# Advice on a Jointer...



## Boss O' The Shop (Mar 21, 2012)

Local CL has a Jet Shopline 6" jointer for sale at just under $100. It looks to be in good shape and the owner indicates that it is a Model JSL-6J with a 3/4 hp motor. 












I've never used a jointer before, but think that given my level of woodworking (just starting out), that this might be a good tool to add to the shop. I'd appreciate some advice...
Is a jointer generally a useful addition for a hobbyist woodworker? I'm just starting out, but I'm looking to build some bookcases, outdoor furniture, storage boxes, etc.
What should I look for when going over this one?
Any thoughts in general regarding this jointer (Jet Shopline) for $100. Deal or no deal?
Any advice will be greatly appreciated...headed into uncharted waters with this tool. Thanks all!


----------



## Paul W Gillespie (Jul 7, 2011)

Looks in pretty decent shape and the price seems good. I am not expert, but did search for a long time before buying mine. I would make sure it runs and sounds right. Check the blades for any big nicks, although I am sure they can be replaced. Are all the parts there? Look for any bad rust. Minor rust can be cleaned. Check everything for squareness. Make sure everything works. Bring a board and see how it cuts. Is it even and smooth Do a face and an edge and see if they are square. Again I am not expert, but these are things I have learned to check for on a jointer.

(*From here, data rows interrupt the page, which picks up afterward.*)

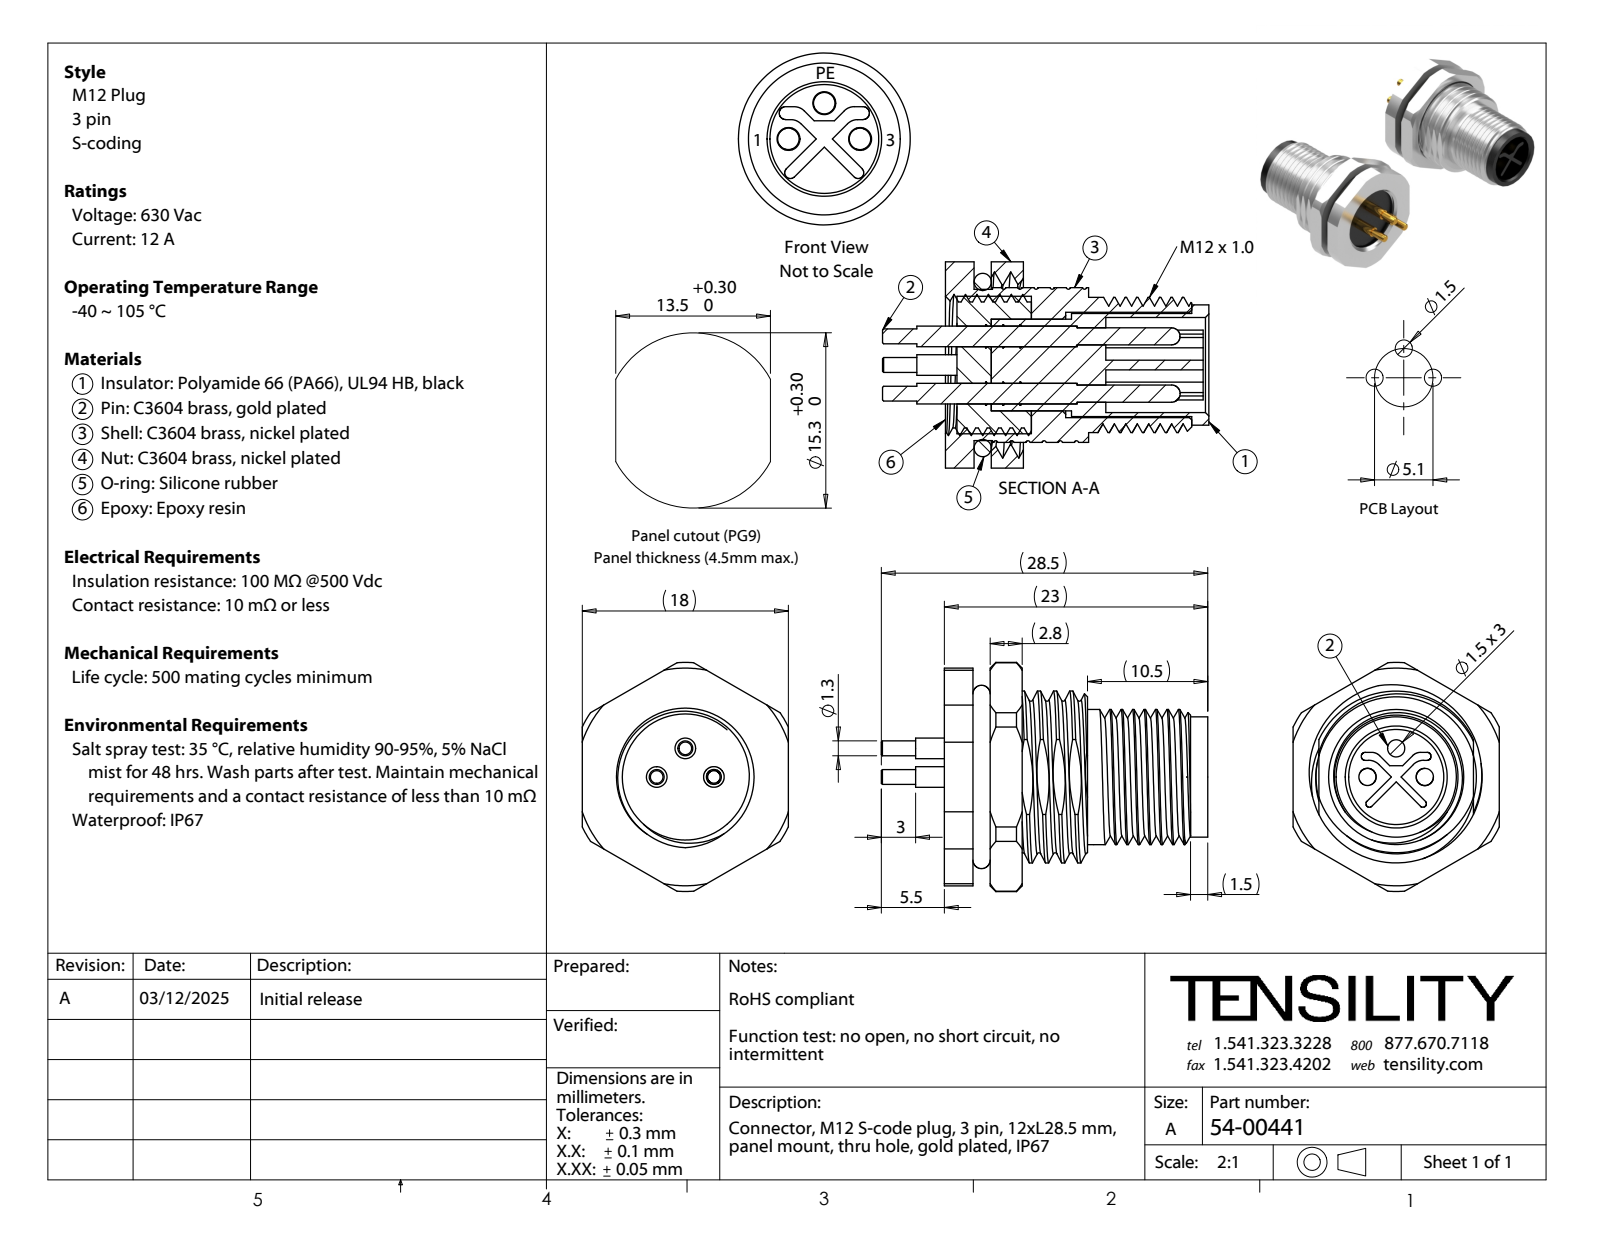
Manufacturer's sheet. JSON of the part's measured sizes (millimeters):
{"part_name": "54-00441-02; 54-00441; 54-00441-01; 54-00441-05 (+3 more)", "step_written_by": "SolidWorks 2021 (CONFIG_CONTROL_DESIGN)", "units": "millimeters", "bodies": {"solids": 8, "faces": 305, "planar": 81, "cylindrical": 140, "other": 84}, "overall_size": [28.5, 20, 18], "volume_mm3": 3143, "surface_area_mm2": 5816, "round_holes": [[1.5, 3], [8, 1], [8.3, 1], [9.2, 1], [11, 1], [14, 1]], "round_bosses_or_shafts": [[1.8, 3], [1.3, 3], [13.2, 1], [12, 1], [11.8, 1], [10.5, 1], [9, 1]], "partial_cylinders_radius": [[0.3, 2], [0.35, 2], [1, 2], [1.28, 2], [7.5, 1], [9.5, 1], [10, 1]], "face_to_face_distances": [1.5, 4, 6.5, 7.5, 5, 2.5, 3.5, 3, 1, 18], "hole_center_spacings": [2.5, 3.54, 5]}
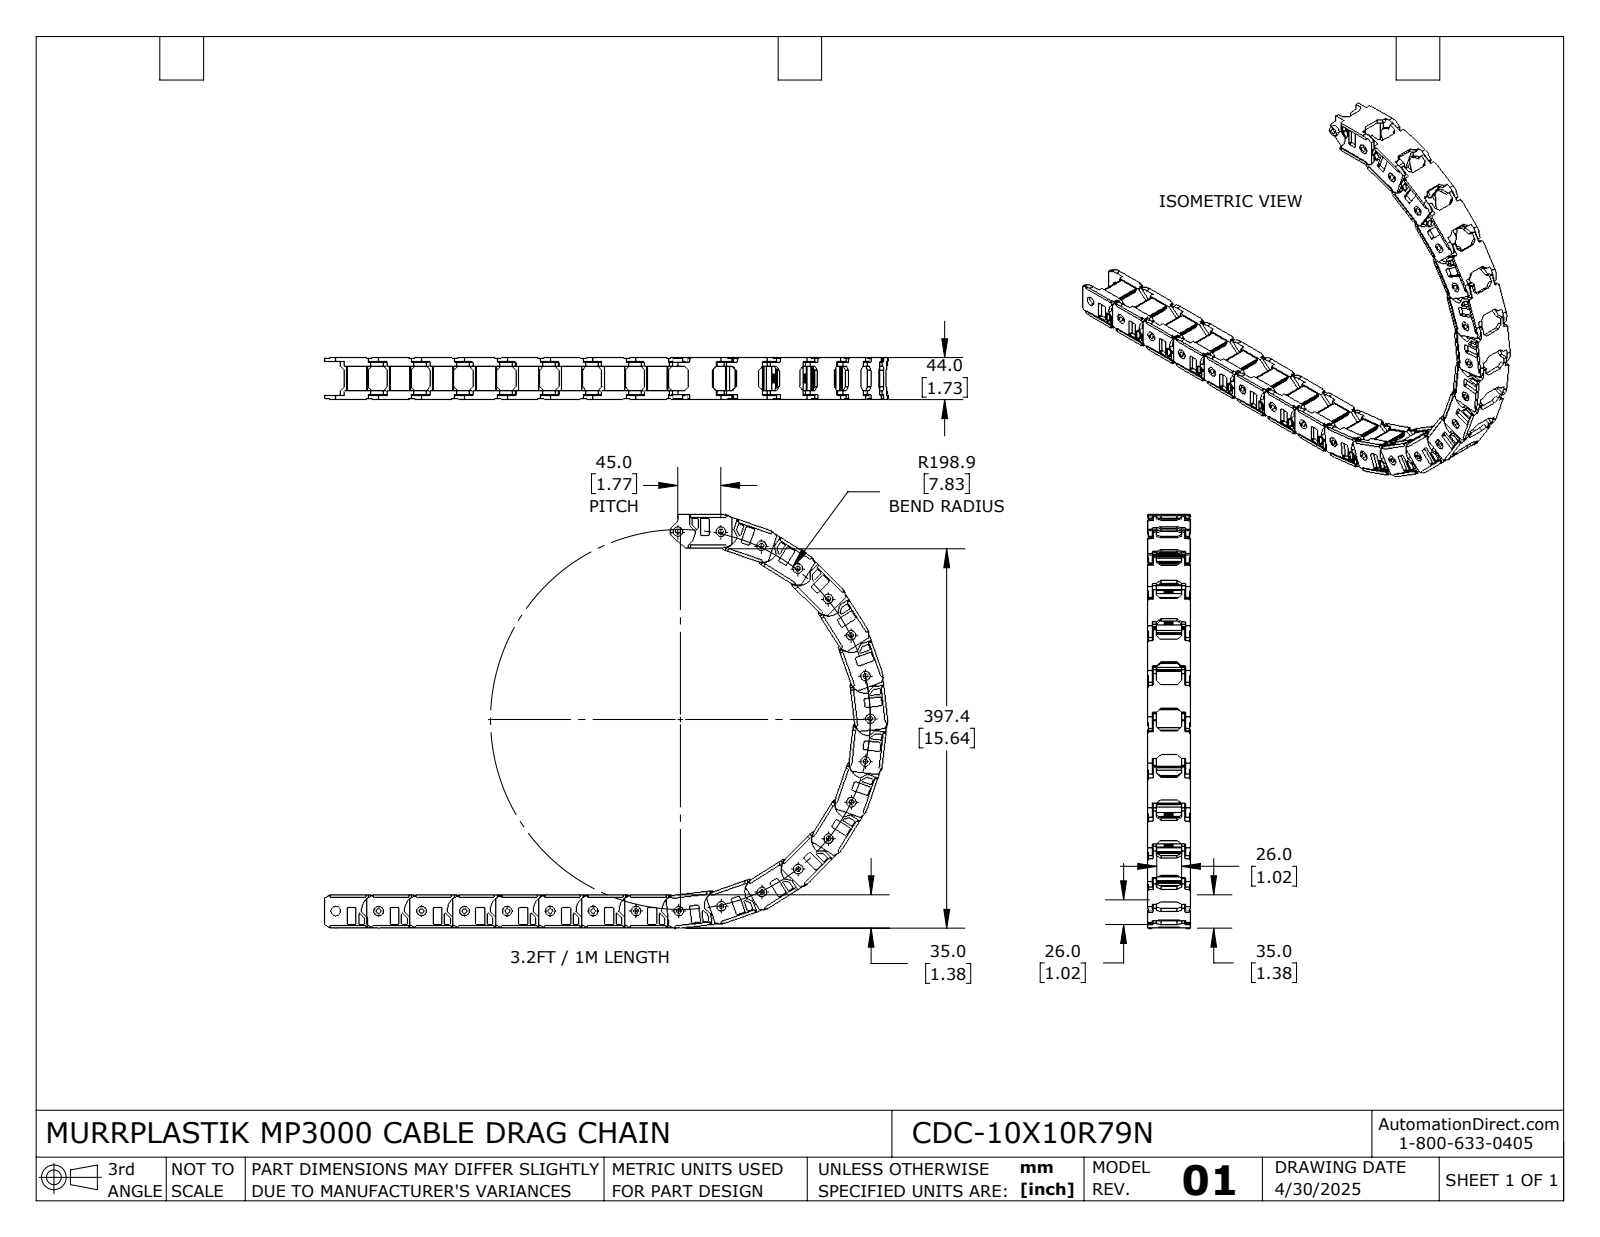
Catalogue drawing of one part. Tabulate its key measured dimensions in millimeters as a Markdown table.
| quantity | value |
| --- | --- |
| part name | CDC-10X10R79N |
| STEP written by | SolidWorks 2024 (AUTOMOTIVE_DESIGN) |
| units | millimeters |
| bodies | 22 solids, 3344 faces (2244 planar, 1100 cylindrical, 0 other) |
| overall size | 590.56 × 432.41 × 44 |
| volume | 546 930 mm³ |
| surface area | 321 003 mm² |
| round holes (diameter × count) | 5.1 × 22, 10.1 × 22 |
| round bosses / shafts (diameter × count) | 10 × 22 |
| partial cylindrical surfaces (radius × count) | 1 × 176, 0.5 × 88, 1.5 × 44, 2 × 44, 21 × 44, 2.8 × 22, 8 × 22, 18 × 22 |
| main face-to-face distances | 34, 8, 26, 33.8, 4, 30.3, 3.7, 38.3, 4.3, 3.5 |
| hole center spacings | 45, 44.98, 89.43, 89.4, 132.74, 174.37, 132.68, 132.72 |

Good luck and let us know how it goes. Also see if he will take less, it never hurts to ask.


----------



## knotscott (Nov 8, 2007)

If it runs, the tables are flat and coplaner, and the fence is flat, $100 would be a darn good buy IMO. A decent size jointer is very useful for flattening and squaring dimensioned hardwoods.....starting every project with flat square stock is a pretty neat concept! :thumbsup:


----------



## Boss O' The Shop (Mar 21, 2012)

Thanks guys...I'll be looking at it tomorrow morning. I haven't done much in working with unsurfaced hardwoods, so I'm left to wonder how much actual use a jointer would see in my shop. Still, the price seems to be very reasonable...


----------



## Hammer1 (Aug 1, 2010)

Every board you run against a fence, whether on a table saw, router table or other machine, needs to be straight for both safety and accuracy. Anytime you glue boards together the mating edges need to fit. Most work pieces that show, need an edge surface that is clean and free of saw marks. Generally, we try to build cabinets and furniture that is straight and square. To get a square cut on a board, you first need a straight edge to reference to. All these challenges can be solved by a jointer in addition to many other tasks. Getting your lumber straight and flat is key in doing quality woodworking with correctly fitting joints. For those of us that are in the business, a jointer is one, if not the most important, woodworking tool. There are other ways to accomplish the same task but it has to be done on most every work piece and a properly set up and operated jointer makes the process a easy. Once you own and know how to use a jointer, you'll know how indispensable it is in a woodworking shop.


----------



## Fred Hargis (Apr 28, 2012)

If that jointer is any decent shape at all, I'd say it's a good buy for $100. It may (probably) will need to be tuned, but that's a good way to learn about them...having the owner's manual would be a big plus.


----------



## Boss O' The Shop (Mar 21, 2012)

I took a look at the jointer this morning and it was in very good shape, so I went ahead and paid the man cash. He mentioned that he had been contacted by two other interested parties and that they wanted to start a bidding war. Given he was only asking $95 for the jointer and wheel base combined, I assume that he could have gotten a bit more than that out of it. Anyway, I'm happy with it and will be hauling it home later in the week. 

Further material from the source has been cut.